In the entries that follow, find the word "sizes" and report each line it is on.
====
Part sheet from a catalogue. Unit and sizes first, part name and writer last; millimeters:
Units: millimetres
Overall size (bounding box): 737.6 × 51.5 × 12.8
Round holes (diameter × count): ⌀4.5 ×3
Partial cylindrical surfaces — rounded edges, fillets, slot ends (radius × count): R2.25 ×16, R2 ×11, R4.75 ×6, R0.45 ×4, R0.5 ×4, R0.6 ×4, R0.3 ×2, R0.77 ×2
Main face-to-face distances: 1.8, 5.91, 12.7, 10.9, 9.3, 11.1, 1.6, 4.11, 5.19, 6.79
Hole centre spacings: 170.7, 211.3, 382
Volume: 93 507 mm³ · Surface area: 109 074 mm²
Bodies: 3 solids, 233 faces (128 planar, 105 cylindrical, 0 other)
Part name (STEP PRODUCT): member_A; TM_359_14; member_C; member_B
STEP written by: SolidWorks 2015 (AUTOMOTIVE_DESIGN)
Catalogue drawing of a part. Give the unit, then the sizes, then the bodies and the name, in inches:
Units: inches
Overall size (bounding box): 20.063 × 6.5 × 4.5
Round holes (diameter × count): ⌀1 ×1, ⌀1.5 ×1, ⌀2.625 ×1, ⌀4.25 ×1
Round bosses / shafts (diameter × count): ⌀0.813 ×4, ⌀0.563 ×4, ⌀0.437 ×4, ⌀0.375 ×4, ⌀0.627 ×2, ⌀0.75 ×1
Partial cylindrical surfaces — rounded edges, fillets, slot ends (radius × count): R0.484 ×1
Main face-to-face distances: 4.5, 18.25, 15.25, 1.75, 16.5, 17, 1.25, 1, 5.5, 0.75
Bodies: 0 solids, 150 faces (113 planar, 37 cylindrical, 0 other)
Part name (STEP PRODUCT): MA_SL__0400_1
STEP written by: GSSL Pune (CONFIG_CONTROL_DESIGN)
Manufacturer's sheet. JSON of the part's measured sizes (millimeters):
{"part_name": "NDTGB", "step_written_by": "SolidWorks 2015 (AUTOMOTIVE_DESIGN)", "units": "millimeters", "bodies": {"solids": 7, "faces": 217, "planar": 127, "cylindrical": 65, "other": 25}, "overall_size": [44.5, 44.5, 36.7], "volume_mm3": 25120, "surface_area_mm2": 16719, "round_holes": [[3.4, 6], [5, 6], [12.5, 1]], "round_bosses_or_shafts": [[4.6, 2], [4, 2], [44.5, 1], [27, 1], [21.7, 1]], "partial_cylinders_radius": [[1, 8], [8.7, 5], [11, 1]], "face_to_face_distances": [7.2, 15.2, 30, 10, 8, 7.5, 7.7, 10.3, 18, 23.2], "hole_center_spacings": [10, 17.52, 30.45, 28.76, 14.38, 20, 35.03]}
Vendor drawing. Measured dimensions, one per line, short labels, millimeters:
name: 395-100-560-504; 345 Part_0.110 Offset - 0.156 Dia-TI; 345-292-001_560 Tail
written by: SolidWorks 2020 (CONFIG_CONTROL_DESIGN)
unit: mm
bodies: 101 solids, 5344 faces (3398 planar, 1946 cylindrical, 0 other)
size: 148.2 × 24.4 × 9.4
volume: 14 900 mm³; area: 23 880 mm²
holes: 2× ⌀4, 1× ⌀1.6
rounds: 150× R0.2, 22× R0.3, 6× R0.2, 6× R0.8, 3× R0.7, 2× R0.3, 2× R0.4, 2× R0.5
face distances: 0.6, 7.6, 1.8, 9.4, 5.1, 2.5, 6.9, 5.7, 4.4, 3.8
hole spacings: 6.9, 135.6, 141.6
====
> [Answer]
Part sheet from a catalogue. Unit and sizes first, part name and writer last; millimeters:
Catalogue drawing of a part. Give the unit, then the sizes, then the bodies and the name, in inches:
Manufacturer's sheet. JSON of the part's measured sizes (millimeters):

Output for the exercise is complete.